Saved entries:
==========
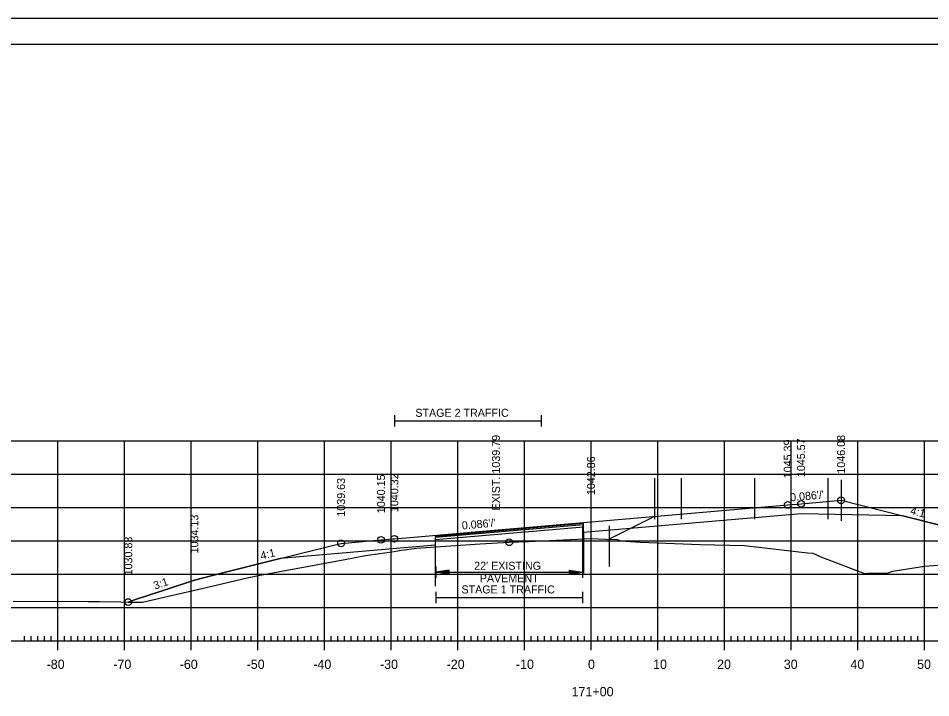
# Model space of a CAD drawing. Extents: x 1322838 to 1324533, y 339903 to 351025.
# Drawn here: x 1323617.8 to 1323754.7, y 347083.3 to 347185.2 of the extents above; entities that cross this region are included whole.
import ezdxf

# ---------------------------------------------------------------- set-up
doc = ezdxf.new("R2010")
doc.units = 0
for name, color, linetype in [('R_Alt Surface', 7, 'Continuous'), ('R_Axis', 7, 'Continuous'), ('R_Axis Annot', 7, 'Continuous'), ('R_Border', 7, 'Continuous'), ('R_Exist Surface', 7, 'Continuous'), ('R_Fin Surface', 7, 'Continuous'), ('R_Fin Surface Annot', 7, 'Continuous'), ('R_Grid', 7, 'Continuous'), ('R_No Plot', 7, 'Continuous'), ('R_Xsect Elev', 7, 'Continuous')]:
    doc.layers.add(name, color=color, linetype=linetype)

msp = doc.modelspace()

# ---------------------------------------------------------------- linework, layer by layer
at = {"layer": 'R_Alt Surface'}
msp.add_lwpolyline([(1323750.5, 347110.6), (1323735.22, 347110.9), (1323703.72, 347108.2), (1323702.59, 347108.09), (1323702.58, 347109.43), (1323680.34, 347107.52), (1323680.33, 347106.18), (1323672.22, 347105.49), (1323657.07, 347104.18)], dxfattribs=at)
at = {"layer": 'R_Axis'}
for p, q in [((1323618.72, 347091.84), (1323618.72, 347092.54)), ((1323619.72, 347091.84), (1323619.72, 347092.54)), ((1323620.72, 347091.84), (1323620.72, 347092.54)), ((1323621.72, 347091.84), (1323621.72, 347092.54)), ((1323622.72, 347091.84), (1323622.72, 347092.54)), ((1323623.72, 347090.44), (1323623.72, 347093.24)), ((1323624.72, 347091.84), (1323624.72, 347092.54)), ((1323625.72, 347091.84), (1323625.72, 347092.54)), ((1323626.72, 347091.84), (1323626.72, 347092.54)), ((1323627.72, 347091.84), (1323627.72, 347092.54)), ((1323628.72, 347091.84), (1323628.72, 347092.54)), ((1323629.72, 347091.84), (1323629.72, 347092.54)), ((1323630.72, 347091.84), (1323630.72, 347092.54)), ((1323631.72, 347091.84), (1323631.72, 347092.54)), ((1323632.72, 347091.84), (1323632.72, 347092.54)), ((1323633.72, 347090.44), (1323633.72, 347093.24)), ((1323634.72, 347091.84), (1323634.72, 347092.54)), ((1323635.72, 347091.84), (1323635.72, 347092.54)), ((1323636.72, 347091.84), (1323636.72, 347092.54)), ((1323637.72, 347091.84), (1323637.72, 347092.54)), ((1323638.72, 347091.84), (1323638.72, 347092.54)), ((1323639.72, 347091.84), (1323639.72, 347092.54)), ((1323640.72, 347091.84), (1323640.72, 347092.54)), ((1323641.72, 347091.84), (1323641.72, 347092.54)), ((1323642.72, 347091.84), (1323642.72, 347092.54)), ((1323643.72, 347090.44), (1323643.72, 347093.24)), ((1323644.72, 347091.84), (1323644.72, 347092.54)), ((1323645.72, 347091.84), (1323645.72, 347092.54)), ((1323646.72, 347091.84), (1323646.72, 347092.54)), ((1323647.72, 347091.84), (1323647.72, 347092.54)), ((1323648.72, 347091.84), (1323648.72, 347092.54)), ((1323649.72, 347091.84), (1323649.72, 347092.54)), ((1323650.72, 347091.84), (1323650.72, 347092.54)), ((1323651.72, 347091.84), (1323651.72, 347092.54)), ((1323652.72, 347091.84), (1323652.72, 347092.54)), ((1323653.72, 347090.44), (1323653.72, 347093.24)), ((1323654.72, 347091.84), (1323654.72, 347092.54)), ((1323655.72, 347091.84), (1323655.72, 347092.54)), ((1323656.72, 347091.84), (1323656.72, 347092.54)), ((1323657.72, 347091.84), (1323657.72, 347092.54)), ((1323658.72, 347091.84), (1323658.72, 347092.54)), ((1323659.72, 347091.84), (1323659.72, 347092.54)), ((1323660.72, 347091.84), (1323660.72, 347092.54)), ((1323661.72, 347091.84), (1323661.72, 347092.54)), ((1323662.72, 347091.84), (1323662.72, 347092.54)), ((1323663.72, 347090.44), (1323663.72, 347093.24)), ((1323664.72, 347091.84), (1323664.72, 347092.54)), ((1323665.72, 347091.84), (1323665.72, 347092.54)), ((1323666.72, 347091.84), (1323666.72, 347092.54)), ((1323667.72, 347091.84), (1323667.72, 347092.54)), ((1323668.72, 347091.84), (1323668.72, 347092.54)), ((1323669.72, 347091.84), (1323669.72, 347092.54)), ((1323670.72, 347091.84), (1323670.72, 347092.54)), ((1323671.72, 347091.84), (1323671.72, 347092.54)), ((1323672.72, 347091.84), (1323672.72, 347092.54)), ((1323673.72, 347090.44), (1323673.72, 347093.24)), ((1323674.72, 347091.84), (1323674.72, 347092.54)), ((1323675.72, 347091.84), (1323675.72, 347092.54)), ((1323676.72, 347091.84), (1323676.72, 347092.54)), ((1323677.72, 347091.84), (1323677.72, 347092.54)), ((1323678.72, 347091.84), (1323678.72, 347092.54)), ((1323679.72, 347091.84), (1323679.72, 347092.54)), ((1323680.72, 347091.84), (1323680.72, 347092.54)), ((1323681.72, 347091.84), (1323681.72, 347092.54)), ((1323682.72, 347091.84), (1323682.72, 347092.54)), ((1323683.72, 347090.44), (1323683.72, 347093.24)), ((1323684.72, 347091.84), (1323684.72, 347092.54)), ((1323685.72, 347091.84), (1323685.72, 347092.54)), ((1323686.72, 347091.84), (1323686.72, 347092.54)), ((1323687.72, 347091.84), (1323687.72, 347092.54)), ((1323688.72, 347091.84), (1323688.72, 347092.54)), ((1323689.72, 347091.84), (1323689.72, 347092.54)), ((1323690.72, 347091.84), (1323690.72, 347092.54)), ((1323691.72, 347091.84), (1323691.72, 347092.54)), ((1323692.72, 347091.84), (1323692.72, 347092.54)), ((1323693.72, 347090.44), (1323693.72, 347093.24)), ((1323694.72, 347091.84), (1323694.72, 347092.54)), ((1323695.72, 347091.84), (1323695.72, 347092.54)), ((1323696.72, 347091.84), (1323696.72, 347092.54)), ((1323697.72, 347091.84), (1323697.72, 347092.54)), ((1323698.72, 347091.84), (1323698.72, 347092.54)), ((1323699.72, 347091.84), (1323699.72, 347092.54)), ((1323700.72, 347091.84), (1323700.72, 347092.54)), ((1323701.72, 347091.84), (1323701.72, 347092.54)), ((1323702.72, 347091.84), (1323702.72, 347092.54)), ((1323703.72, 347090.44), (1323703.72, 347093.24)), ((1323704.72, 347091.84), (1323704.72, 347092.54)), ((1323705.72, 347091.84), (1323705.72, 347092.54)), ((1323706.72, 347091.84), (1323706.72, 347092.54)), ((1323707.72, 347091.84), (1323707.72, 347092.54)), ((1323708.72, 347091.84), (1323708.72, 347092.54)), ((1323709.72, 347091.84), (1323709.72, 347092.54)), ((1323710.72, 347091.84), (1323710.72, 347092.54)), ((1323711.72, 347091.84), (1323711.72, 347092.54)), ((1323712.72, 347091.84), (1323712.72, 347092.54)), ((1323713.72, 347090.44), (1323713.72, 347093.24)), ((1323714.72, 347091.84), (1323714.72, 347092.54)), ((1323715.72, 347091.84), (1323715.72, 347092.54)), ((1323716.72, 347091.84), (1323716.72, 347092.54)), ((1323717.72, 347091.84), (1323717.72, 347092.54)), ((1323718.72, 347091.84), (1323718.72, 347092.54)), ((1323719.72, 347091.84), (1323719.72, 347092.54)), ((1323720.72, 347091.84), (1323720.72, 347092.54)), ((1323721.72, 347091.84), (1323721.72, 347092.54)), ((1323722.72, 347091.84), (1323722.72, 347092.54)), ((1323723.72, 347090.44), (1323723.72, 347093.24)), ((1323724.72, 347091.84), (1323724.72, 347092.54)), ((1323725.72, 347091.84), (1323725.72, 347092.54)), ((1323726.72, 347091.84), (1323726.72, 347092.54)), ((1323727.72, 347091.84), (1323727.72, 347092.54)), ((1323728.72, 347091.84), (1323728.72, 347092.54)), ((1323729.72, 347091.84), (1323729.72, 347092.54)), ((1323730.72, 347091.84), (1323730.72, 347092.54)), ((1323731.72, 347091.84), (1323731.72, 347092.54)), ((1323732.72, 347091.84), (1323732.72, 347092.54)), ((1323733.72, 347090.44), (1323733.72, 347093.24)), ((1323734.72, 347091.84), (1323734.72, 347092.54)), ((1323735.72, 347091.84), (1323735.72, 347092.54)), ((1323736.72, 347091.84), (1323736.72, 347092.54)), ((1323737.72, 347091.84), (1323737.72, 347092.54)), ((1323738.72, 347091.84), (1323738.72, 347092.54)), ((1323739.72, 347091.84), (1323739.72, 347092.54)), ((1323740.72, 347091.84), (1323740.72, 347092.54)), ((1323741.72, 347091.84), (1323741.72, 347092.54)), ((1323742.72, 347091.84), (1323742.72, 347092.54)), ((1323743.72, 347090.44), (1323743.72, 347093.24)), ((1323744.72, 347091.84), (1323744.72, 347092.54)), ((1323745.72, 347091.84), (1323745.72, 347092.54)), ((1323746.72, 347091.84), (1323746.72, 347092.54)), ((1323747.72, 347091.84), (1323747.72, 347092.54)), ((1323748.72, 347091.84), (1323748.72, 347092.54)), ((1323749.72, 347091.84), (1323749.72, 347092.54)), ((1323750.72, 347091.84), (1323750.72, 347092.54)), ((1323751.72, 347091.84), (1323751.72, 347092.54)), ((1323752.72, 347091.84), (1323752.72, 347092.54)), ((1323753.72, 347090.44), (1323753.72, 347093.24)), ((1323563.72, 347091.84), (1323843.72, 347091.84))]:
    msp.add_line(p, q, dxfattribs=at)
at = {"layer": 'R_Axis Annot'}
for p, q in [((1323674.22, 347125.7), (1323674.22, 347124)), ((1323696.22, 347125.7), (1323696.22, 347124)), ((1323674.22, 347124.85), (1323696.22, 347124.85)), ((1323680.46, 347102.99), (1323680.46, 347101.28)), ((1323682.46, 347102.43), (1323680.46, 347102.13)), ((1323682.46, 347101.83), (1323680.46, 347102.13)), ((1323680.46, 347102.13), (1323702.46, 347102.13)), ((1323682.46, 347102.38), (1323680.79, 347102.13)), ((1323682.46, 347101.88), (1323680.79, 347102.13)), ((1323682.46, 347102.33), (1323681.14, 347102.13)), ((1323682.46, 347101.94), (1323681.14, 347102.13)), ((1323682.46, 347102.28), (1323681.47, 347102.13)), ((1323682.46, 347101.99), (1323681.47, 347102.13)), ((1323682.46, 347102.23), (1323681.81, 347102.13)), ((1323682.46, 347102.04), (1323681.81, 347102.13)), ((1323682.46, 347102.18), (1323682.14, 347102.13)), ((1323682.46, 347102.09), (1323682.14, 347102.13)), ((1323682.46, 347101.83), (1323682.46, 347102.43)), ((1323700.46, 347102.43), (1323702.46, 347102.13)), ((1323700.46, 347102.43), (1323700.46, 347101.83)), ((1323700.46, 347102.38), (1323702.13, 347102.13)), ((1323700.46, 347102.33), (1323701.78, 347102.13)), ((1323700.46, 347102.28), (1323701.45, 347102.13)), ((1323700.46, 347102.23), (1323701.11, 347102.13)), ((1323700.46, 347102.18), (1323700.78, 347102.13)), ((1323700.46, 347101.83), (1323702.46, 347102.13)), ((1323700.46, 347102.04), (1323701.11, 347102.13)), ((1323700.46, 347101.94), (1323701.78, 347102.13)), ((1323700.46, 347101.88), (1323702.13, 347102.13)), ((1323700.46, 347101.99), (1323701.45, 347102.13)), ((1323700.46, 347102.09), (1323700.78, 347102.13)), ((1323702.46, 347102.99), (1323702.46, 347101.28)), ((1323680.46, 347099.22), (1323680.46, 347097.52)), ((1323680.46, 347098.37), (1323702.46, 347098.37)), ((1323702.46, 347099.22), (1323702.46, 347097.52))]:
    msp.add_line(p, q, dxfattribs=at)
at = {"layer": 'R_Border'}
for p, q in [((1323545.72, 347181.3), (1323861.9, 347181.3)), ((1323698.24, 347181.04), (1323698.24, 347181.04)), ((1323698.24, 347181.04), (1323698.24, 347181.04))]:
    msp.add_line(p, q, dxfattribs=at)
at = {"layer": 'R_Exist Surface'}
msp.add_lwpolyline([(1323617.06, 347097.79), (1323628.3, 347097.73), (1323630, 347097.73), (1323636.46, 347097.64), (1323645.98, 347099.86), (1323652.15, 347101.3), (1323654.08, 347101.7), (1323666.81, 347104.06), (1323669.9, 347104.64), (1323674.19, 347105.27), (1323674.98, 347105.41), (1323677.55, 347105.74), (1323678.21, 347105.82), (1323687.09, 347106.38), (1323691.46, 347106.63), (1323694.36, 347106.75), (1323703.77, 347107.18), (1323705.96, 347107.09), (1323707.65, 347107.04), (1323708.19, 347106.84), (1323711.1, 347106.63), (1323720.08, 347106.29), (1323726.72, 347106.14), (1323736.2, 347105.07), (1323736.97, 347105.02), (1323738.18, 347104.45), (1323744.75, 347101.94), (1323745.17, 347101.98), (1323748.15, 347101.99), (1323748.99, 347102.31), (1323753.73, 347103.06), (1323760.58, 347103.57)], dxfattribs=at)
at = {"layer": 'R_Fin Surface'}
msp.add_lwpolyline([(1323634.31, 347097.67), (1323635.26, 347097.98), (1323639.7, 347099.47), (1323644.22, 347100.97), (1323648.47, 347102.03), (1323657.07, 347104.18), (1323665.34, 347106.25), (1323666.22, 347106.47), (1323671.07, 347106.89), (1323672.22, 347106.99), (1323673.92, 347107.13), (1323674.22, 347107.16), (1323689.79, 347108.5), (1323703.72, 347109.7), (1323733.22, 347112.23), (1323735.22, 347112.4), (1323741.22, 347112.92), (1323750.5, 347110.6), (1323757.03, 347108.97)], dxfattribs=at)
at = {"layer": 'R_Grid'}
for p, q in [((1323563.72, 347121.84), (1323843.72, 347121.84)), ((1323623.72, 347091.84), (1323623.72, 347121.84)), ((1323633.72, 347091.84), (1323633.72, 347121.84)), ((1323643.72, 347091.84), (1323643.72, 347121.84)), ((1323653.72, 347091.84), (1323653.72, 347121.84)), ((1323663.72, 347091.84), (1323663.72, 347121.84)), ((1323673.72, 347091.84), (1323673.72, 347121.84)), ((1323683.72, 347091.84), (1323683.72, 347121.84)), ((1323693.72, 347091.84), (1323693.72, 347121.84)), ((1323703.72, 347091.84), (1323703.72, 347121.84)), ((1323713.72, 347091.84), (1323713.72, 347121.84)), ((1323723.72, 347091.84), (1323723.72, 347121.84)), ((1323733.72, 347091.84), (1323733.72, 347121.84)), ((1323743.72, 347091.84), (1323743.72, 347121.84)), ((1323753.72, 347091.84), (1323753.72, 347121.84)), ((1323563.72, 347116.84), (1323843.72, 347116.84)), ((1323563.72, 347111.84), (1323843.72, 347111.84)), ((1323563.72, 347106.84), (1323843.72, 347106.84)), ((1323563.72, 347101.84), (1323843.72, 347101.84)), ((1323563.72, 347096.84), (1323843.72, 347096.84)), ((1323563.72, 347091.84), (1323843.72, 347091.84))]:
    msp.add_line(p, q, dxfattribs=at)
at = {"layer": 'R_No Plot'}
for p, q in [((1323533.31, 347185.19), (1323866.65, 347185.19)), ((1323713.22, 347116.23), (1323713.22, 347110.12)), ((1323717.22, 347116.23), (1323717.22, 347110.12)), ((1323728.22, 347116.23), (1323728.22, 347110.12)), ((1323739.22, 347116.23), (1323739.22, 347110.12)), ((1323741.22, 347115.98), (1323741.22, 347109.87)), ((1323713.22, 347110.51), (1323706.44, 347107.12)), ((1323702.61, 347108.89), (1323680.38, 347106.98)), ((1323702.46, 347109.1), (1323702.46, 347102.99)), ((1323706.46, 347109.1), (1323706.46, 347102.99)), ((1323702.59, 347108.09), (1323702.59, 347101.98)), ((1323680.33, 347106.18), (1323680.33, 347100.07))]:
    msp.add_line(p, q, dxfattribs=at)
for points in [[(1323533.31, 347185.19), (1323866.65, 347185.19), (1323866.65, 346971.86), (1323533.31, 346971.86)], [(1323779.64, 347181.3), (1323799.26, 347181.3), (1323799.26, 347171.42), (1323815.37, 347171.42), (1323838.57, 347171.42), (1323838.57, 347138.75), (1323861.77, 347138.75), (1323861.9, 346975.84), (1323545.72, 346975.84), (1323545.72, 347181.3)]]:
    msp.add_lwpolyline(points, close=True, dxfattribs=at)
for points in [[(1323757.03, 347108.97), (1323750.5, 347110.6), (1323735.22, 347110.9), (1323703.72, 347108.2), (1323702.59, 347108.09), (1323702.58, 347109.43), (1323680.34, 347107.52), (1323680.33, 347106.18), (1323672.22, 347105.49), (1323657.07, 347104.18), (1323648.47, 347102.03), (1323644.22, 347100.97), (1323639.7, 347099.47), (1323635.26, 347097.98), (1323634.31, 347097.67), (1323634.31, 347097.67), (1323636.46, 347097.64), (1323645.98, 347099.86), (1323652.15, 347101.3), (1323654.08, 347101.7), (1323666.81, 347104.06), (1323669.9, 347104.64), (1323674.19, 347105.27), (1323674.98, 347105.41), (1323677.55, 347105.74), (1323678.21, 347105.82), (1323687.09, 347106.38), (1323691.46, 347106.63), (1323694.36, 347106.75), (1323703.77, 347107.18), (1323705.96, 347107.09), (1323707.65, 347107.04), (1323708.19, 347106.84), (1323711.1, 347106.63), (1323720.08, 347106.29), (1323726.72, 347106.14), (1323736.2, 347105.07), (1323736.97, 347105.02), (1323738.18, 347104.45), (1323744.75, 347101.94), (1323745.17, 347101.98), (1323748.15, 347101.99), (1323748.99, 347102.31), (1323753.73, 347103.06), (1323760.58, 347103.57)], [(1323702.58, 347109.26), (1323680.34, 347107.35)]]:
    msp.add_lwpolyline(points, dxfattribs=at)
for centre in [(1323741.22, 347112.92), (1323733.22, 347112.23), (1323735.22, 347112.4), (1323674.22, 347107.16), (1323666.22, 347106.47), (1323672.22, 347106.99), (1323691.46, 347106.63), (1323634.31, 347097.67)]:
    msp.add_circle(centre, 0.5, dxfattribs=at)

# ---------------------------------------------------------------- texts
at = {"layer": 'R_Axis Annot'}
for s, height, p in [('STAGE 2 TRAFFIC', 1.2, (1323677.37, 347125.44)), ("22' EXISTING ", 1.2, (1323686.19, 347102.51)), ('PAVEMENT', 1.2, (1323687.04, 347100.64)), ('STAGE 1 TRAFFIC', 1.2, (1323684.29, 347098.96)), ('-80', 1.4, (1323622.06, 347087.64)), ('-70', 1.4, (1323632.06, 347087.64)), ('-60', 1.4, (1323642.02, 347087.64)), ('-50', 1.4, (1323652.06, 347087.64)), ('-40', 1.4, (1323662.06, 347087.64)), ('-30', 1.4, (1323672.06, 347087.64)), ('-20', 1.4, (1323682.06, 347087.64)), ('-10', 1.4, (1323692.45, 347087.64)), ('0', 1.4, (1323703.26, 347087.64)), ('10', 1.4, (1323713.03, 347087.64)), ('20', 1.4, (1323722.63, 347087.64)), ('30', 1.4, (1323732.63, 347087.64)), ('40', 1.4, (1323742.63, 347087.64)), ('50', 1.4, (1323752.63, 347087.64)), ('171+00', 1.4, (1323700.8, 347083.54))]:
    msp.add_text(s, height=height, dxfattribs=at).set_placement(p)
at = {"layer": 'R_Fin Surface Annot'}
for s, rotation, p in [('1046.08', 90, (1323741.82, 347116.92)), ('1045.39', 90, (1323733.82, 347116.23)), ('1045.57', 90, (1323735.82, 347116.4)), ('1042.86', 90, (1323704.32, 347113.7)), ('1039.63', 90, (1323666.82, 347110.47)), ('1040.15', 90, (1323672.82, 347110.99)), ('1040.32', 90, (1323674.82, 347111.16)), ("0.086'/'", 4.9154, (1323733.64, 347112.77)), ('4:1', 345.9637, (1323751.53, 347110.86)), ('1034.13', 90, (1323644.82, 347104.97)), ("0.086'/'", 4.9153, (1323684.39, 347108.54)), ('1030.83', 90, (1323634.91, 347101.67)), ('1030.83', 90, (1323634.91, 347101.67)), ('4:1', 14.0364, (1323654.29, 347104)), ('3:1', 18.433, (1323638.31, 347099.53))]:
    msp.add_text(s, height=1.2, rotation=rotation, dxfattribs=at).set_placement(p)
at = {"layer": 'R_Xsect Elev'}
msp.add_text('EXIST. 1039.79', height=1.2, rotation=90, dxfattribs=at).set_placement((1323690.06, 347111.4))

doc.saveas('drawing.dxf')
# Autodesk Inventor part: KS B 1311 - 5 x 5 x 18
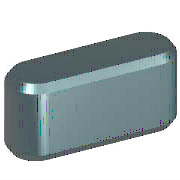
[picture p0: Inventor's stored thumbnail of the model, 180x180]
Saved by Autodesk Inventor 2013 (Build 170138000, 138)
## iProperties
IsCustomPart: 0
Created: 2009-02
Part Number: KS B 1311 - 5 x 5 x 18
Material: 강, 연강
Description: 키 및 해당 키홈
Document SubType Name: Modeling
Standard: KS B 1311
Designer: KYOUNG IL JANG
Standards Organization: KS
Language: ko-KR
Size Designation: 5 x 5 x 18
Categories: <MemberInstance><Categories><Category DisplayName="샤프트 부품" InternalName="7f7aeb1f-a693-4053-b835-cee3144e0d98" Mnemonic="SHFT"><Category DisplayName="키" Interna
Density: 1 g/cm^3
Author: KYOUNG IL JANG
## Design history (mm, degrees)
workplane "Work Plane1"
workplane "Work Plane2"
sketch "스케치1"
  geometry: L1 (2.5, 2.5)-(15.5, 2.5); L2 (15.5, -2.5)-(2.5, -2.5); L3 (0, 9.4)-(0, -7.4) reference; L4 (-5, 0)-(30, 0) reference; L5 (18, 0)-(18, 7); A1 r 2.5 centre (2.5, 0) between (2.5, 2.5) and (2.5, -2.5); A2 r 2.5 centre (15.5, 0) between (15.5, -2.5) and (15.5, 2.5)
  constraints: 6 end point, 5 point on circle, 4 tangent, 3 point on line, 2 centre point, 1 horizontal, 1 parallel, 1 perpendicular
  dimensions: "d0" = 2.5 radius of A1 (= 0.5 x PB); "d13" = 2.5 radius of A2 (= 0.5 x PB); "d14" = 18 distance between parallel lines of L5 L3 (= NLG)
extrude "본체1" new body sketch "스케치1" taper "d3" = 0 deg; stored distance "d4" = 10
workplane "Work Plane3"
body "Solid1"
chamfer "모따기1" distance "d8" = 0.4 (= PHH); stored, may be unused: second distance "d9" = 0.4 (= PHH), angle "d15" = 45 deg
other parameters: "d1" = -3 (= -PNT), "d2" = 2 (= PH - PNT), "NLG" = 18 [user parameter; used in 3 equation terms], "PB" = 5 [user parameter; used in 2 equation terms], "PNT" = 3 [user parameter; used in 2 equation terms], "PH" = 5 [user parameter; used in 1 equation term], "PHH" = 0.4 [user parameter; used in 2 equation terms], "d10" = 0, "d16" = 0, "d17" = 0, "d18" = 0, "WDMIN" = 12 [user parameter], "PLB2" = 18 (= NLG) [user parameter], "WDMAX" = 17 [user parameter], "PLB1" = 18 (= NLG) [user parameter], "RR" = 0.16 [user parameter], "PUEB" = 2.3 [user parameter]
==========
Provide the number of lines above containing "workplane" and nothing else.

_EXPECTED ANSWER_
3